Task to carry out
From the first line of the records below, transcribe each line exactly up to and including the one with "for name, color, linetype"; pictures stay out.

(Data under study)

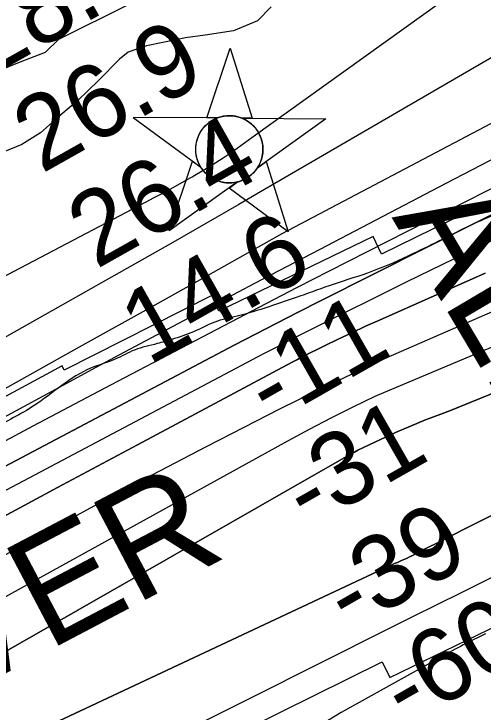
# Model space of a CAD drawing. Extents: x 3324104 to 3361979, y 612876 to 638273.
# Drawn here: x 3355279 to 3355706, y 622268 to 622903 of the extents above; entities that cross this region are included whole.
import ezdxf

# ---------------------------------------------------------------- set-up
doc = ezdxf.new("R2010")
doc.units = 0
for name, color, linetype in [('V-CHAN-NAID', 7, 'Continuous'), ('V-RIVR-EDGE', 7, 'Continuous'), ('V-RIVR-RANG', 7, 'Continuous'), ('V-RRAP-RVMT', 7, 'Continuous'), ('V-RRAP-RVMT-IDEN', 7, 'Continuous'), ('V-TOPO-DPTH', 7, 'Continuous'), ('V-TOPO-MAJR', 7, 'Continuous'), ('V-TOPO-MINR', 7, 'Continuous'), ('V-TOPO-WATR', 7, 'Continuous'), ('V-WETL-SWMP', 7, 'Continuous')]:
    doc.layers.add(name, color=color, linetype=linetype)

msp = doc.modelspace()

# ---------------------------------------------------------------- linework, layer by layer
at = {"layer": 'V-CHAN-NAID'}
for points in [[(3355464.16, 622808.58), (3355454.57, 622808.65), (3355475.7, 622872.14), (3355495.92, 622808.36), (3355486.34, 622808.43), (3355484.76, 622809.01), (3355482.67, 622809.63), (3355480.62, 622810.08), (3355478.59, 622810.38), (3355477.42, 622810.5), (3355475.89, 622810.58), (3355474.17, 622810.58), (3355472.8, 622810.51), (3355470.89, 622810.31), (3355469.52, 622810.09), (3355467.74, 622809.7), (3355466.21, 622809.28), (3355465.18, 622808.95)], [(3355464.16, 622808.58), (3355387.67, 622809.13), (3355449.23, 622763.73), (3355448.12, 622765.64), (3355447.31, 622767.26), (3355446.49, 622769.23), (3355445.79, 622771.29), (3355445.43, 622772.61), (3355445.06, 622774.24), (3355444.82, 622775.68), (3355444.63, 622777.28), (3355444.52, 622779.01), (3355444.51, 622780.6), (3355444.62, 622782.67), (3355444.8, 622784.29), (3355445.19, 622786.49), (3355445.68, 622788.41), (3355446.28, 622790.3), (3355446.93, 622791.98), (3355447.66, 622793.57), (3355448.47, 622795.1), (3355449.54, 622796.84), (3355450.57, 622798.31), (3355451.57, 622799.58), (3355452.57, 622800.72), (3355453.88, 622802.06), (3355454.93, 622803.03), (3355456.65, 622804.42), (3355457.86, 622805.29), (3355459.54, 622806.36), (3355461.27, 622807.31), (3355462.72, 622807.99)], [(3355486.34, 622808.43), (3355562.83, 622807.88), (3355500.63, 622763.36), (3355501.54, 622764.85), (3355502.52, 622766.7), (3355503.23, 622768.28), (3355503.97, 622770.24), (3355504.51, 622772.02), (3355504.91, 622773.66), (3355505.27, 622775.67), (3355505.46, 622777.25), (3355505.58, 622779.45), (3355505.55, 622781.51), (3355505.37, 622783.73), (3355505.1, 622785.49), (3355504.61, 622787.72), (3355503.97, 622789.86), (3355503.22, 622791.85), (3355502.57, 622793.29), (3355501.56, 622795.2), (3355500.5, 622796.93), (3355499.29, 622798.63), (3355498.03, 622800.17), (3355496.75, 622801.53), (3355495.12, 622803.07), (3355493.38, 622804.48), (3355491.7, 622805.65), (3355489.81, 622806.79), (3355488.34, 622807.55)], [(3355482.6, 622750.46), (3355420.39, 622705.93), (3355441.52, 622769.42), (3355449.23, 622763.73), (3355449.87, 622762.76), (3355451.25, 622760.9), (3355452.47, 622759.49), (3355453.93, 622757.99), (3355455.32, 622756.73), (3355456.77, 622755.58), (3355458.18, 622754.59), (3355459.86, 622753.56), (3355461.57, 622752.64), (3355463.36, 622751.83), (3355464.81, 622751.28), (3355466.44, 622750.75), (3355468.66, 622750.18), (3355470.19, 622749.9), (3355472.22, 622749.64), (3355473.75, 622749.54), (3355475.62, 622749.51), (3355477.31, 622749.59), (3355479.02, 622749.77), (3355480.92, 622750.08)], [(3355500.63, 622763.36), (3355508.42, 622768.94), (3355528.65, 622705.17), (3355474.8, 622744.88), (3355482.6, 622750.46), (3355484.26, 622750.93), (3355485.87, 622751.49), (3355488.03, 622752.41), (3355489.77, 622753.29), (3355491.63, 622754.4), (3355493.37, 622755.62), (3355494.92, 622756.86), (3355496.21, 622758.03), (3355497.59, 622759.45), (3355498.8, 622760.85), (3355499.92, 622762.32)]]:
    msp.add_lwpolyline(points, close=True, dxfattribs=at)
msp.add_circle((3355475.05, 622780.05), 30.54, dxfattribs=at)
at = {"layer": 'V-RIVR-EDGE'}
msp.add_spline([(3356051.95, 622889.63), (3356029.15, 622881.43), (3356012.46, 622875.66), (3355994.6, 622867.17), (3355977.52, 622859.07), (3355958.5, 622850.97), (3355948.4, 622843.24), (3355934.03, 622834.75), (3355904.12, 622817.76), (3355878.1, 622802.31), (3355856.74, 622790.34), (3355829.95, 622776.44), (3355805.11, 622765.65), (3355764.72, 622744.81), (3355744.14, 622733.61), (3355694.06, 622710.85), (3355668.43, 622698.12), (3355641.64, 622685), (3355605.15, 622669.19), (3355569.44, 622657.26), (3355539.17, 622646.47), (3355510.83, 622636.85), (3355482.11, 622628.39), (3355461.93, 622623.01), (3355442.52, 622614.14), (3355422.73, 622607.21), (3355409.53, 622603.36), (3355388.97, 622597.59), (3355371.88, 622589.49), (3355348.98, 622581.02), (3355297.71, 622547.02), (3355260.04, 622525.78), (3355211.1, 622494.49), (3355190.13, 622484.46), (3355184.7, 622482.92), (3355179.26, 622477.89), (3355174.21, 622475.58), (3355160.62, 622470.96), (3355143.54, 622463.63), (3355133.06, 622457.07), (3355125.67, 622450.49), (3355113.25, 622443.93), (3355096.93, 622433.11), (3355081.02, 622426.95), (3355064.32, 622419.23), (3355056.95, 622418.86), (3355048.8, 622414.62), (3355041.8, 622406.88), (3355036.76, 622406.5), (3355031.32, 622405.74), (3355027.05, 622404.2), (3355017.34, 622396.08), (3355010.74, 622394.93), (3355001.42, 622388.36), (3354988.6, 622379.09), (3354972.29, 622369.43), (3354947.44, 622356.31), (3354937.73, 622351.68), (3354926.08, 622343.56), (3354903.15, 622326.56), (3354891.11, 622318.06), (3354883.33, 622307.22), (3354879.44, 622304.12), (3354875.17, 622302.58), (3354867.8, 622299.11), (3354853.03, 622288.29), (3354842.54, 622279.01), (3354826.61, 622267.41), (3354807.2, 622259.71), (3354793.23, 622255.47), (3354765.68, 622249.73), (3354748.61, 622245.5), (3354734.63, 622239.33), (3354712.11, 622227.37), (3354697.74, 622218.87), (3354685.31, 622209.98), (3354640.65, 622184.5), (3354622.01, 622176.01), (3354616.19, 622175.25), (3354603.38, 622167.52), (3354578.92, 622157.11), (3354554.46, 622147.48), (3354537.39, 622142.87), (3354530.78, 622137.84), (3354500.11, 622122.79), (3354463.61, 622102.33), (3354417.79, 622078.79), (3354386.33, 622060.64), (3354340.11, 622032.44), (3354321.08, 622021.25), (3354284.96, 621998.84), (3354257, 621982.24), (3354217, 621958.68), (3354194.08, 621942.84), (3354176.99, 621931.63), (3354157.57, 621921.98), (3354141.64, 621910.39), (3354135.42, 621904.2), (3354130.36, 621897.62), (3354120.65, 621891.05), (3354103.96, 621882.95), (3354075.58, 621856.65), (3354044.89, 621835.39), (3354013.04, 621812.21), (3353971.47, 621781.67), (3353947.77, 621763.5), (3353941.17, 621763.52), (3353935.35, 621762.76), (3353929.53, 621760.06), (3353924.87, 621756.58), (3353920.59, 621751.55), (3353917.08, 621742.64), (3353910.48, 621741.49), (3353904.66, 621738.4), (3353893.78, 621731.06), (3353879.8, 621721.4), (3353866.19, 621708.64), (3353854.92, 621697.42), (3353843.26, 621687.75), (3353839.77, 621688.54), (3353831.23, 621686.23), (3353823.08, 621681.21), (3353818.03, 621677.34), (3353800.94, 621666.14), (3353790.85, 621663.06), (3353781.91, 621654.94), (3353777.63, 621651.85), (3353776.07, 621648.75), (3353775.67, 621643.71), (3353772.18, 621641), (3353755.87, 621632.13), (3353735.68, 621622.09), (3353718.58, 621608.17), (3353704.21, 621600.45), (3353694.12, 621596.6), (3353683.64, 621592.36), (3353671.21, 621584.25), (3353642.07, 621562.99), (3353598.95, 621534.01), (3353578.37, 621522.43), (3353556.23, 621507.75), (3353547.68, 621501.95), (3353525.93, 621489.21), (3353513.12, 621481.09), (3353497.18, 621468.34), (3353476.98, 621450.94), (3353453.28, 621436.65), (3353435.8, 621424.67), (3353404.72, 621401.09), (3353378.3, 621380.21), (3353361.59, 621368.62), (3353339.46, 621355.1), (3353319.65, 621342.35), (3353299.45, 621329.99), (3353283.54, 621324.6), (3353273.05, 621317.65), (3353254.77, 621295.98), (3353236.88, 621275.47), (3353219.39, 621258.83), (3353195.69, 621241.44), (3353168.49, 621221.34), (3353137.81, 621201.64), (3353112.17, 621185.03), (3353065.55, 621151.79), (3353022.05, 621122.82), (3352993.29, 621100.39), (3352956, 621073.34), (3352907.05, 621037.78), (3352853.8, 620991.77), (3352787.76, 620942.29), (3352749.68, 620913.3), (3352736.85, 620900.92), (3352733.34, 620892.79), (3352728.67, 620886.59), (3352718.96, 620881.19), (3352691.78, 620864.58), (3352660.31, 620841.78), (3352640.5, 620828.25), (3352623.39, 620811.23), (3352605.12, 620792.27), (3352593.46, 620783), (3352582.59, 620778.76), (3352566.29, 620771.43), (3352548.04, 620764.49), (3352522.41, 620750.98), (3352494.45, 620735.54), (3352482.41, 620727.04), (3352479.3, 620723.17), (3352476.96, 620717.36), (3352470.74, 620711.94), (3352455.99, 620707.33), (3352443.18, 620700.38), (3352419.1, 620685.7), (3352392.3, 620669.09), (3352362.78, 620650.94), (3352339.08, 620634.32), (3352315.38, 620615.38), (3352284.68, 620590.63), (3352258.65, 620571.31), (3352228.74, 620550.05), (3352193.39, 620527.65), (3352156.88, 620504.86), (3352131.63, 620487.47), (3352093.95, 620462.36), (3352049.28, 620432.99), (3351990.23, 620391.26), (3351936.63, 620357.26), (3351851.55, 620293.87), (3351833.29, 620281.51), (3351816.98, 620273.79), (3351794.06, 620257.95), (3351767.65, 620240.95), (3351719.86, 620206.17), (3351680.63, 620177.57), (3351657.32, 620160.56), (3351637.11, 620145.87), (3351623.13, 620135.44), (3351603.32, 620124.24), (3351588.57, 620120.01), (3351567.22, 620109.59), (3351552.08, 620103.43), (3351538.1, 620096.48), (3351523.73, 620086.43), (3351510.91, 620076.38), (3351503.52, 620069.81), (3351495.35, 620057.42), (3351486, 620042.32), (3351479.39, 620032.64), (3351469.67, 620022.58), (3351448.3, 620006.34), (3351431.59, 619994.75), (3351404.78, 619973.88), (3351377.97, 619951.84), (3351358.93, 619936.37), (3351332.12, 619915.5), (3351306.08, 619892.29), (3351274.58, 619858.25), (3351238.83, 619826.92), (3351215.12, 619805.65), (3351171.59, 619767.75), (3351145.54, 619739.51), (3351124.55, 619722.11), (3351105.9, 619707.81), (3351089.59, 619696.99), (3351079.49, 619691.2), (3351074.04, 619683.45), (3351058.1, 619666.43), (3351043.34, 619655.22), (3351015.36, 619633.96), (3350999.05, 619623.14), (3350992.05, 619617.34), (3350979.23, 619606.13), (3350966.01, 619594.53), (3350951.25, 619582.15), (3350935.7, 619567.84), (3350923.26, 619555.08), (3350910.05, 619544.25), (3350888.29, 619528.02), (3350846.74, 619504.08), (3350821.49, 619490.18), (3350811.39, 619483.61), (3350805.96, 619480.52), (3350800.9, 619473.16), (3350797.41, 619473.17), (3350793.92, 619474.35), (3350788.88, 619473.58), (3350786.93, 619472.04), (3350785.37, 619467.39), (3350785.36, 619462.73), (3350779.53, 619456.15), (3350765.93, 619445.72), (3350746.11, 619428.7), (3350722.4, 619408.98), (3350716.19, 619407.06), (3350713.08, 619403.96), (3350711.13, 619396.99), (3350708.79, 619391.57), (3350704.52, 619391.58), (3350693.26, 619385.79), (3350686.65, 619379.6), (3350679.64, 619368.37), (3350661.38, 619354.45), (3350648.56, 619344.4), (3350645.46, 619344.8), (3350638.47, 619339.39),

(End Data under study)

Answer section
# Model space of a CAD drawing. Extents: x 3324104 to 3361979, y 612876 to 638273.
# Drawn here: x 3355279 to 3355706, y 622268 to 622903 of the extents above; entities that cross this region are included whole.
import ezdxf

# ---------------------------------------------------------------- set-up
doc = ezdxf.new("R2010")
doc.units = 0
for name, color, linetype in [('V-CHAN-NAID', 7, 'Continuous'), ('V-RIVR-EDGE', 7, 'Continuous'), ('V-RIVR-RANG', 7, 'Continuous'), ('V-RRAP-RVMT', 7, 'Continuous'), ('V-RRAP-RVMT-IDEN', 7, 'Continuous'), ('V-TOPO-DPTH', 7, 'Continuous'), ('V-TOPO-MAJR', 7, 'Continuous'), ('V-TOPO-MINR', 7, 'Continuous'), ('V-TOPO-WATR', 7, 'Continuous'), ('V-WETL-SWMP', 7, 'Continuous')]:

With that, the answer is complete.